As the performance of these algorithms is dependent on data used for their training, there is a genuine risk that their execution will be unsatisfactory when applied to data from other institutions [16]. Therefore, for the adoption of these applications, it is necessary to validate their results, through a careful analysis of effectiveness, quality, and safety [18].
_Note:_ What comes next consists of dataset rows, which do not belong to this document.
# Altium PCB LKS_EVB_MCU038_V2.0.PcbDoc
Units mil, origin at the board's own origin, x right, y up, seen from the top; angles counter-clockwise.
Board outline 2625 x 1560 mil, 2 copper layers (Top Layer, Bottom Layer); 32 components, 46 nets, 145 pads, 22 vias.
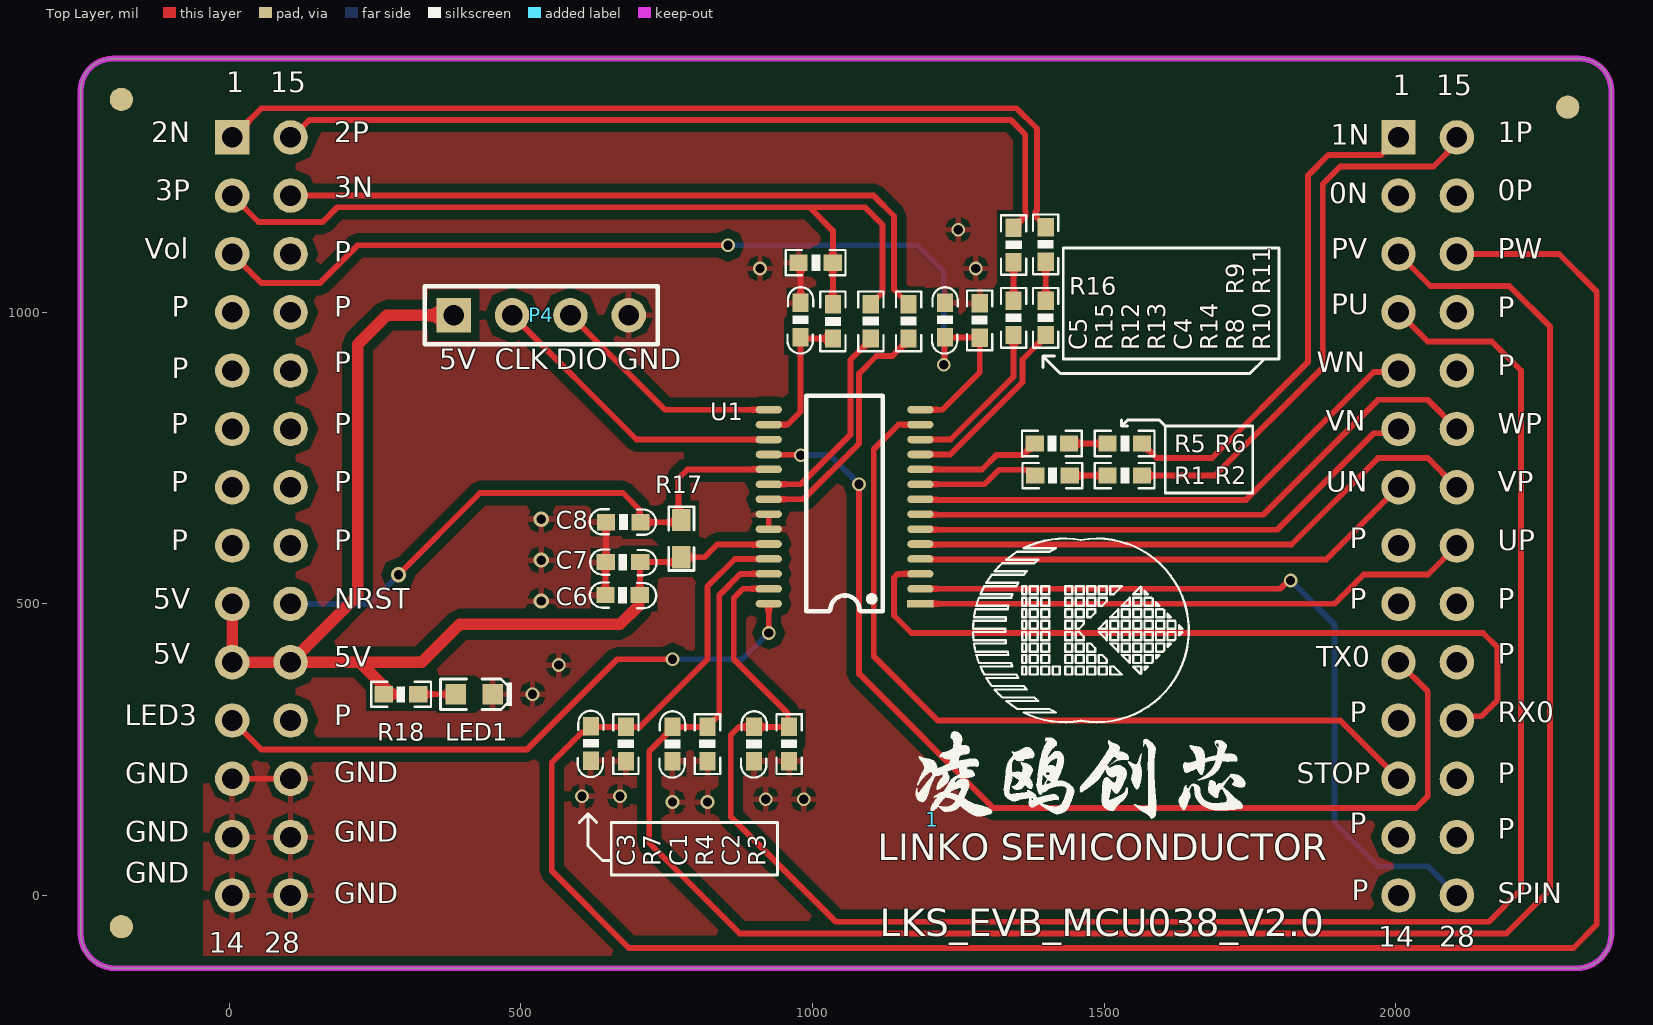
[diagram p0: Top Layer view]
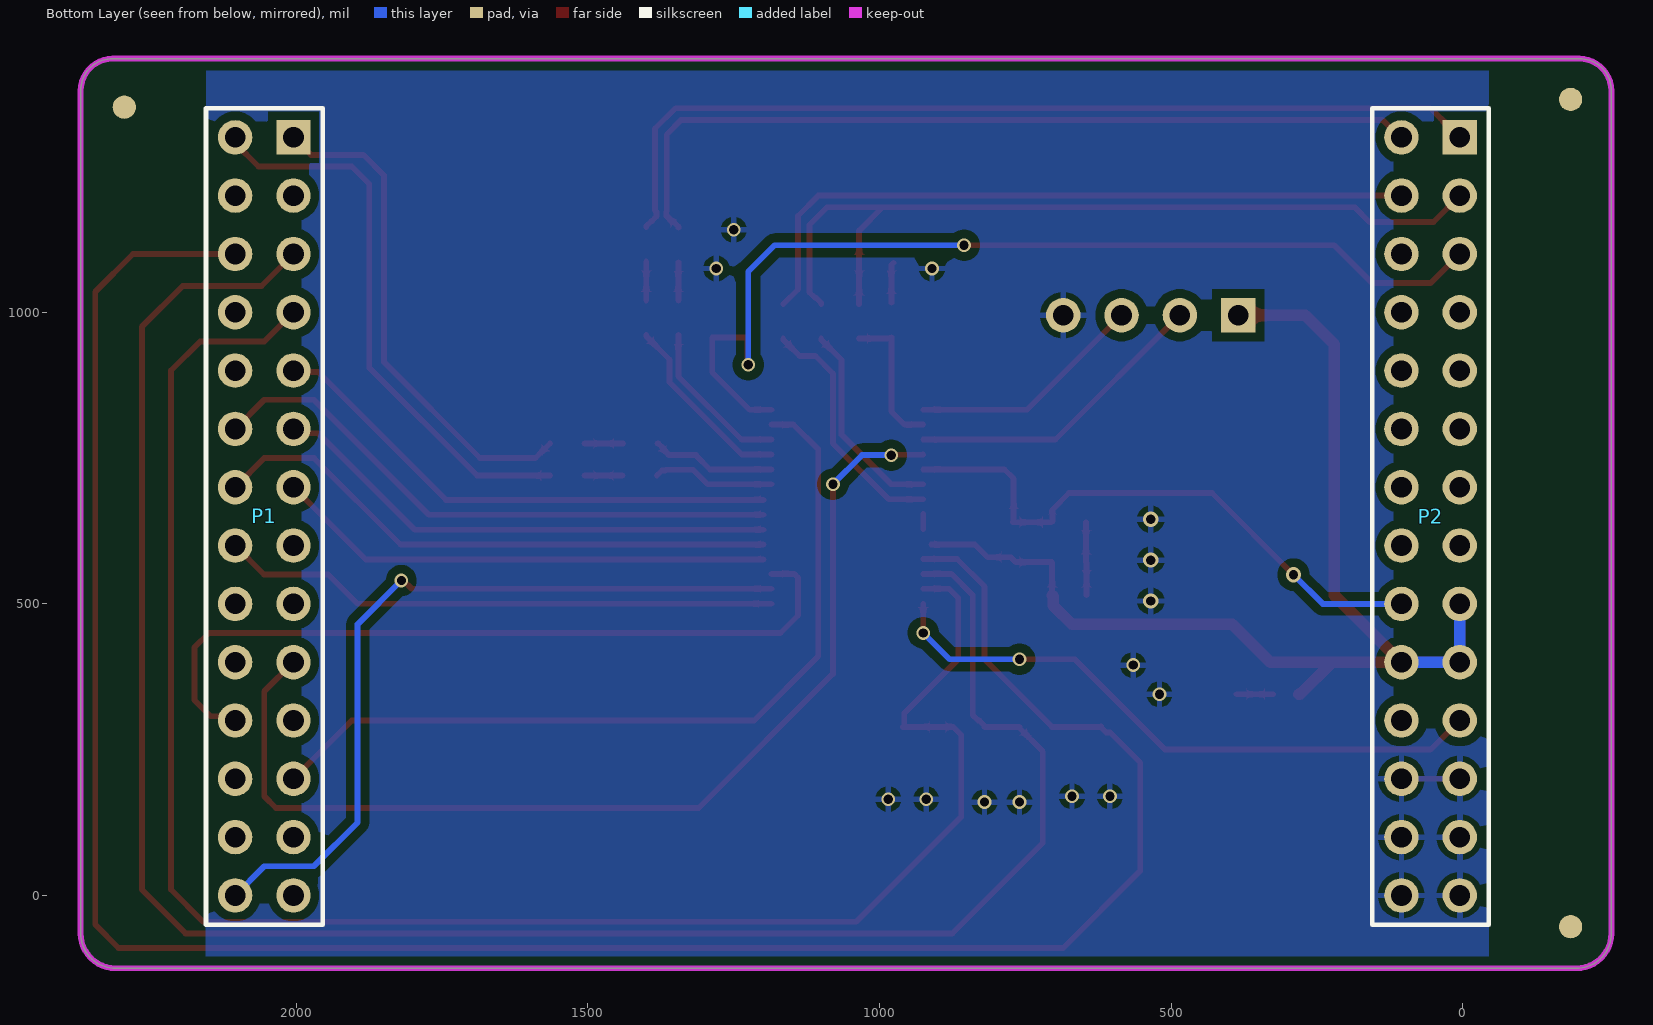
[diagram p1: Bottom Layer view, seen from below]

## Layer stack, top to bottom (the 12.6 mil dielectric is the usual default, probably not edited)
Top Solder: solder mask 0.4, Solder Resist, Dk 3.5
Top Layer: signal copper 1.4
Dielectric 1: dielectric 12.6, FR-4, Dk 4.8
Bottom Layer: signal copper 1.4
Bottom Solder: solder mask 0.4, Solder Resist, Dk 3.5

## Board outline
-255,-65 ccw(c-195,-65) -195,-125 2310,-125 ccw(c2310,-65) 2370,-65 2370,1380 ccw(c2315,1380) 2315,1435 -200,1435 ccw(c-200,1380) -255,1380

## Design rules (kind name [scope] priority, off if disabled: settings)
Clearance Clearance_1 [InPolygon] p1: gap=15 ignorepadtopadclearanceinfootprint=FALSE
Clearance [All] p2: gap=7.87 ignorepadtopadclearanceinfootprint=FALSE
ComponentClearance [All] p1: gap=0 collisioncheckmode=3 verticalgap=0 showdistances=FALSE
DiffPairsRouting DiffPair_DiffPairsRouting [All] p1: maxlimit=10 minlimit=10 mostfreqgap=10 toplayer_minwidth=10 toplayer_maxwidth=10 toplayer_prefwidth=10 bottomlayer_minwidth=10 bottomlayer_maxwidth=10 bottomlayer_prefwidth=10 maxuncoupledlength=500
DiffPairsRouting [All] p2: maxlimit=10 minlimit=10 mostfreqgap=10 toplayer_minwidth=15 toplayer_maxwidth=15 toplayer_prefwidth=15 bottomlayer_minwidth=15 bottomlayer_maxwidth=15 bottomlayer_prefwidth=15 maxuncoupledlength=500
MatchedLengths DiffPair_MatchedLengths [All] p1: tolerance=1000 checknetsindiffpair=TRUE checkdiffpairvsdiffpair=FALSE checkxsignals=FALSE checkothers=FALSE
PolygonConnect [All] p1: connectstyle=Relief reliefconductorwidth=10 reliefentries=4 polygonreliefangle="90 Angle" airgapwidth=10
RoutingVias [All] p1: holewidth=28 width=50 viastyle="Through Hole" minholewidth=28 minwidth=50 maxholewidth=28 maxwidth=50
SolderMaskExpansion [All] p1: expansion=4 istentingtop=FALSE
Width [All] p1: maxlimit=100 minlimit=1 preferedwidth=10
28 further rules are at their usual default settings.

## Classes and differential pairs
differential pair OPA2: +OPA2_P -OPA2_N

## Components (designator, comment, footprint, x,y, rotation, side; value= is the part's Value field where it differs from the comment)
1 "LKS_sign" LKS_LOGO2 1205,130 r0 top
C1 "1nF/16V" 0603C 760,289.06 r270 top
C2 "1nF/16V" 0603C 900,289.06 r270 top
C3 "1nF/16V" 0603C 620,290 r270 top
C4 "100nF/50V" 0603C 1227.36,1016.1 r270 top
C5 "1nF/50V" 0603C 979.71,1016.35 r270 top
C6 "10uF/10V" 0603C 645,515 r0 top
C7 "100nF/50V" 0603C 645.55,571.57 r0 top
C8 "100nF/50V" 0603C 705,640 r180 top
LED1 "LED" 0603D 420,345 r0 top
P1 "Header 14X2A" HDR2X14_CEN 2005,1300 r270 bottom
P2 "Header 14X2A" HDR2X14_CEN 5,1300 r270 bottom
P4 "Header 4" HDR1X4 385,995 r0 top
R1 "20K1%" 0603R#1 1440.94,720 r180 top value=K
R2 "20K1%" 0603R#1 1565,720 r180 top value=K
R3 "1K1%" 0603R#1 960,289.06 r270 top value=K
R4 "1K1%" 0603R#1 820,289.06 r270 top value=K
R5 "20K1%" 0603R#1 1440,775 r180 top value=K
R6 "20K1%" 0603R#1 1565,775 r180 top value=K
R7 "1K1%" 0603R#1 680,289.06 r270 top value=K
R8 "20K1%" 0603R#1 1345,1020 r270 top value=K
R9 "20K1%" 0603R#1 1345,1145 r270 top value=K
R10 "20K1%" 0603R#1 1400,1020 r270 top value=K
R11 "20K1%" 0603R#1 1400,1145.94 r270 top value=K
R12 "1K1%" 0603R#1 1100,1014.06 r270 top value=K
R13 "1K1%" 0603R#1 1165,1014.06 r270 top value=K
R14 "1K1%" 0603R#1 1286.81,1015.71 r270 top value=K
R15 "1K1%" 0603R#1 1035,955 r90 top value=K
R16 "10R" 0603R#1 1035,1085 r180 top value=K
R17 "20K1%" 0603R#2 775,612 r270 top value=K
R18 "330R" 0603R#1 265,345 r0 top value=330
U1 "037E" TSSOP-28 1186.63,498.48 r180 top

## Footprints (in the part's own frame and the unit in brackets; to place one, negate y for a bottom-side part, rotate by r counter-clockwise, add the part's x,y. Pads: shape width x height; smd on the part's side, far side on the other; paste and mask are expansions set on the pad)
0603C [mm]
  rect 0.8x0.7 smd: 1(0,0) 2(1.5,0)
  silkscreen extent -0.68,-0.57 2.21,0.55
0603D [mm]
  rect 0.9x0.9 smd: 1(-0.813,0) 2(0.813,0)
  silkscreen extent -1.47,-0.66 1.65,0.66
0603R#1 [mm]
  rect 0.8x0.7 smd: 1(0,0) 2(1.5,0)
  silkscreen extent -0.55,-0.55 2.05,0.55
0603R#2 [mm]
  rect 0.965x0.813 smd: 1(-0.813,0) 2(0.813,0)
  silkscreen extent -1.38,-0.55 1.38,0.55
HDR1X4 [mm] "Connector; Header; 4 Position"
  rect 1.5x1.5 hole 0.9: 1(0,0)
  round 1.5 hole 0.9: 2(2.54,0) 3(5.08,0) 4(7.62,0)
  silkscreen extent -1.27,-1.27 8.89,1.27
HDR2X14_CEN [mm] "Connector; Header; 14x2 Position"
  rect 1.5x1.5 hole 0.9: 1(0,0)
  round 1.5 hole 0.9: 2(2.54,0) 3(5.08,0) 4(7.62,0) 5(10.16,0) 6(12.7,0) 7(15.24,0) 8(17.78,0) 9(20.32,0) 10(22.86,0) 11(25.4,0) 12(27.94,0) 13(30.48,0) 14(33.02,0) 15(0,-2.54) 16(2.54,-2.54) 17(5.08,-2.54) 18(7.62,-2.54) 19(10.16,-2.54) 20(12.7,-2.54) 21(15.24,-2.54) 22(17.78,-2.54) 23(20.32,-2.54) 24(22.86,-2.54) 25(25.4,-2.54) 26(27.94,-2.54) 27(30.48,-2.54) 28(33.02,-2.54)
  silkscreen extent -1.27,-3.81 34.29,1.27
LKS_LOGO2 [mil] "标?"
  silkscreen extent 70,167 440,482
TSSOP-28 [mil] "9.70x4.40x1.00 e=0.65（蒜米工坊）"
  rect 45x12.99 smd: 1(1.63,-1.8)
  oval 45x12.99 smd: 2(1.63,-27.39) 3(1.63,-52.98) 4(1.63,-78.57) 5(1.63,-104.16) 6(1.63,-129.75) 7(1.63,-155.34) 8(1.63,-180.93) 9(1.63,-206.52) 10(1.63,-232.11) 11(1.63,-257.7) 12(1.63,-283.29) 13(1.63,-308.88) 14(1.63,-334.47) 15(261.47,-334.47) 16(261.47,-308.88) 17(261.47,-283.29) 18(261.47,-257.7) 19(261.47,-232.11) 20(261.47,-206.52) 21(261.47,-180.93) 22(261.47,-155.34) 23(261.47,-129.75) 24(261.47,-104.16) 25(261.47,-78.57) 26(261.47,-52.98) 27(261.47,-27.39) 28(261.47,-1.8)
  silkscreen extent 66,-358 197,11, body extent 2,-360 254,26, height 41

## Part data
C1 C2 C3: library part CAP, "Capacitor"
C4 C5 C6 C7 C8: library part C, "Capacitor"
LED1: "LED_Light"
P1 P2: "Header, 14-Pin, Dual row"
P4: "Header, 4-Pin"
R1 R2 R3 R4 R5 R6 R7 R8 R9 R10 R11 R12 R13 R14 R15 R16 R17 R18: library part Res, "Resistor"
U1: library part LKS32MC038Y6P8, "CHIP--TSSOP28"

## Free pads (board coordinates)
  round 40 all layers, no hole: 2(2295,1351.86) 3(-185,-53.57) 4(-185,1365)

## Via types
v1: diameter 23.62, hole 15.75, Top Layer to Bottom Layer, 18 vias
v2: diameter 26, hole 16, Top Layer to Bottom Layer, 4 vias

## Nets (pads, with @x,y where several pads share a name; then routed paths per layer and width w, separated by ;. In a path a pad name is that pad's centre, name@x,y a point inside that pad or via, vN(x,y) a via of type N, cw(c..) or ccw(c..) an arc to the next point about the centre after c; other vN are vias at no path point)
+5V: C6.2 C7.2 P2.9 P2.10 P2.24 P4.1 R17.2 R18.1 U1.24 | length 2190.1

The purpose of this study is to validate the results of AI algorithms in the stratification of pulmonary changes in chest CT with multicenter data through scientific methodology to correlate pulmonary involvement with the clinical outcome of patients.

Hypothesis

The Machine Learning model based on clinical, radiological and epidemiological data will be able to identify imaging and clinical factors correlated to disease severity, and possibly estimate prognosis (hospitalization needs, ICU admission, orotracheal intubation), especially in pandemic times.

Objectives

Main objective

Develop a model for stratification of pulmonary changes, using AI algorithms. The model will receive a Chest CT as input and will output the stratification of lung parenchyma, discerning regions of the lung with different densities.

Secondary objectives

  • To evaluate possible changes in Chest CT, through a score, that suggest a worse prognosis in patients with COVID-19, and to identify patterns correlated with worse clinical developments, to guide, in the prospective unfolding of the study, the evaluation of prognostic markers arising automated analyses of Chest CT and contribute to prioritizing treatment according to severity (orotracheal intubation, hospitalization).
  • Organize a database with medical images and their respective anonymised reports for CT modality, in different morph-functional changes, in patients with acute respiratory syndromes.
  • Evaluate the performance of AI algorithms in this data for tasks such as classification, segmentation, image registration and interpretation of reports.
  • Evaluate the impact of the use of these models on medical practice of imaging professionals.

Materials and methods

We will conduct a retrospectively longitudinal multicenter study (9 Institutions) with at least 160 patients hospitalized from March to May 2020 due to clinical signs and symptoms of acute respiratory syndrome. This study was approved by our National Ethics committee (CONEP) (CAAE: 30548620.0.1001.0008) and approved across each participating center’s ethics committee (Universidade Federal do Rio de Janeiro, Universidade do Estado do Rio de Janeiro, Universidade Federal de São Paulo, Hospital 9 de julho, Hospital São Lucas, Hospital Santa Paula, Hospital Alemão Oswaldo Cruz). CONEP is the central ethics committee. We requested waiver of the consent form due to the retrospective study design.

Study population

Eligible patients for the study must meet the following characteristics will be considered eligible for the study:

  1. Signs and symptoms of acute respiratory syndrome
  2. Positive epidemiological history for COVID-19, which may include recent contact (last 14 days) with a confirmed or suspected case, recent trip (last 14 days) to a high-incidence location, or presentation of symptoms after the start of the community transmission phase of SARS-CoV-2 (after 3/20/2020) when the date of hospitalization.
  3. Have performed, when symptomatic, a chest computed tomography.

Exclusion criteria

  1. Presence of neoplastic (primary or metastatic) lung lesions, manifested as nodules, masses, consolidations, septal thickening (lymphatic carcinomatosis) or pleural thickening;
  2. Chest CT with the presence of movement, acquisition or reconstruction artefacts that make it impossible to apply the segmentation algorithms;
  3. CT exams with low quality pulmonary segmentation, or slice thickness greater than 3.0 mm.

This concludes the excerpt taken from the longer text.